После этого сна я затосковала. Спустя еще примерно месяц я расплакалась, когда мы смотрели фильм «Любовь и голуби», и призналась мужу, что часто чувствую себя одинокой и что – да, мне так тяжко далась вся эта история, я отвыкла с ним делиться самым сокровенным. Он утешил меня как мог, но ледяной комок так и стоял у меня в груди.
Я вспоминаю это ощущение замкнутости и утраты былой открытости. Ему иногда приходили непонятно от кого эсэмэски, иногда он возвращался очень поздно, мы ругались, и однажды он снова пришел под утро.
Мне запомнилась та ночь абсолютно ледяным пониманием того, что этот человек, претендующий на место самого мне близкого, зная, от чего мне больно, все-таки это «больно» делает. Значит, делает совершенно сознательно. Значит, я ему не дорога – он рискует меня потерять и идет на этот риск.
Я не помню, чтобы наутро выясняла отношения. Помню только, что с какого-то момента внутри себя перестала называть его по имени.

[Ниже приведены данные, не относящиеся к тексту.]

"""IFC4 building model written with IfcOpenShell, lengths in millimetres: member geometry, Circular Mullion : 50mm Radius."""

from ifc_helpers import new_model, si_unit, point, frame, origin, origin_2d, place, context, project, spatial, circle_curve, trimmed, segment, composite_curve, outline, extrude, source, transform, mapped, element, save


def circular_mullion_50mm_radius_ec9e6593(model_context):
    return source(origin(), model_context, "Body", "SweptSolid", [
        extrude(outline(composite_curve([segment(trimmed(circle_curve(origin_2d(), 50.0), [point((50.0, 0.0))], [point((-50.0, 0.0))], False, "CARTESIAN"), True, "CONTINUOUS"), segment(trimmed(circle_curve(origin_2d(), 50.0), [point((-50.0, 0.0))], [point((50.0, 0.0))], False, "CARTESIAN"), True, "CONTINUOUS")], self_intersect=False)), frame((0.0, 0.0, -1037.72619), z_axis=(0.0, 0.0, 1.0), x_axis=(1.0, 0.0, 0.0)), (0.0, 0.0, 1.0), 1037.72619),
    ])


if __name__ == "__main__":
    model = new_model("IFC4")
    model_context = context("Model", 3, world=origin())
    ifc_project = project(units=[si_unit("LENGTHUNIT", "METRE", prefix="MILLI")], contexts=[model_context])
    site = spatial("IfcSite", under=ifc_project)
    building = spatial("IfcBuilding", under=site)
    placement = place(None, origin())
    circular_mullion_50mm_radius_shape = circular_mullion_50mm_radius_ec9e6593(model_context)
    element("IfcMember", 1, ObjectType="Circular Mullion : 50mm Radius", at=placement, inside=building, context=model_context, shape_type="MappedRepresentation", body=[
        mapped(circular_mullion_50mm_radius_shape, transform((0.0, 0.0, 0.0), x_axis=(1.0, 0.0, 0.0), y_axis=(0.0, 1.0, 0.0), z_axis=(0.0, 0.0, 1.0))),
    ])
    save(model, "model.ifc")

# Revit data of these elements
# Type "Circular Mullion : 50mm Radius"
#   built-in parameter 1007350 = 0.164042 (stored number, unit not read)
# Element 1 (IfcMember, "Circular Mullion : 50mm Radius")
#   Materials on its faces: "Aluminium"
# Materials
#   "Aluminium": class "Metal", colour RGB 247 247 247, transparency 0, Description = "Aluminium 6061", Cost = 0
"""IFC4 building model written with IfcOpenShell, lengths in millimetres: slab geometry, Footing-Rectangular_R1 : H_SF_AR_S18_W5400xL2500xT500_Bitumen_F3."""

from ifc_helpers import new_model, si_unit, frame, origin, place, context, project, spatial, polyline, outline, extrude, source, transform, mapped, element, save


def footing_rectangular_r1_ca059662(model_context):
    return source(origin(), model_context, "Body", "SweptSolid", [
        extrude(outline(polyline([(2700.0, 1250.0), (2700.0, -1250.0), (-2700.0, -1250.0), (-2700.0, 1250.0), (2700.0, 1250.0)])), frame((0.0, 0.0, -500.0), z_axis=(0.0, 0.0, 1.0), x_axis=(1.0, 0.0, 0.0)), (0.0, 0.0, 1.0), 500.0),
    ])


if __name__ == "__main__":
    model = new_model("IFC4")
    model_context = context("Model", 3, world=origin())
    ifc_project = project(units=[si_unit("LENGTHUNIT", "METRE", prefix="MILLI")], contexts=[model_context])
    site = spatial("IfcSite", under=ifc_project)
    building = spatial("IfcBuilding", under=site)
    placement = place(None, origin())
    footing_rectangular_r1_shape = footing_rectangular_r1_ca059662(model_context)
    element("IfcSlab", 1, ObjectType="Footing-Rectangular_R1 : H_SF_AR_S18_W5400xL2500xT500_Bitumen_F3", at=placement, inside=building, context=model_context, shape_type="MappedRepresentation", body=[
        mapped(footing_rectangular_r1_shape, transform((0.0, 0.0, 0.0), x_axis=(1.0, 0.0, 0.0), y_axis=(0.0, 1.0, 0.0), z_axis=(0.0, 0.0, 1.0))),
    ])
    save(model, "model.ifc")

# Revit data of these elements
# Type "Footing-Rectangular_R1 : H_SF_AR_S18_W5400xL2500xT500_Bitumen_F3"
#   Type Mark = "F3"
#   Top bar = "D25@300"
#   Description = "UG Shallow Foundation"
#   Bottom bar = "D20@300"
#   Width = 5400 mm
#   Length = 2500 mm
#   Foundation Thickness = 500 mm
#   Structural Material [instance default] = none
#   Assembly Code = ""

А еще в то время у меня появилась новая работа. Я защитила диплом психолога, но работа, по иронии судьбы, была по моей филфаковской специальности. Кроме статей, я занималась продажами рекламы и очень активно стала общаться с деловыми кругами нашего города. Все это занимало меня целиком.
Я думала, что очень увлечена новой работой, думала, что трудоголик, пока однажды отчетливо не осознала, что просто не хочу идти домой после работы. Впервые в жизни. Был синий апрельский вечер, я садилась на каждую скамейку и смотрела на город. Огромное небо, свежий весенний воздух, а мне так одиноко, как никогда. Одиноко, несмотря на то, что дома меня ждал муж и все, казалось бы, было относительно стабильно.
Было время, когда мне хотелось делиться с ним всем-всем, было и время, когда мне хотелось, но я не могла. А теперь мне впервые не хотелось.
Думаю, я тоже причиняла ему много боли. Помню наши разборки, бесконечные, вызванные моими страхами. Помню, как отчаянно мне хотелось только одного – чтобы он сказал хоть какие-то слова, чтобы он обнял меня и успокоил. Но у него тогда не было для меня слов – или я их перестала слышать. Теперь я удивляюсь этому, потому что сейчас в моей жизни мужчины умеют меня утешать – или я научилась утешаться.
А потом все сошло, как лавина. Он уезжал на рыбалку – я привычно собрала ему корзинку с продуктами и впервые не спросила, куда он едет и с кем. В тот вечер у меня была сдача номера, я болела и сидела в редакции, замотанная в чей-то огромный пуховый платок. Он позвонил на мобильный, услышал, как я кашляю, сказал, что рыбалка отменилась – я вяло подумала, что скорее всего он ездил на свидание и оно обломилось. Но мне было все равно. Он предложил привезти лекарство прямо в редакцию, я опять вяло подумала, что это на него не похоже, согласилась, он приехал, я села в машину, взяла лекарство и заторопилась уходить.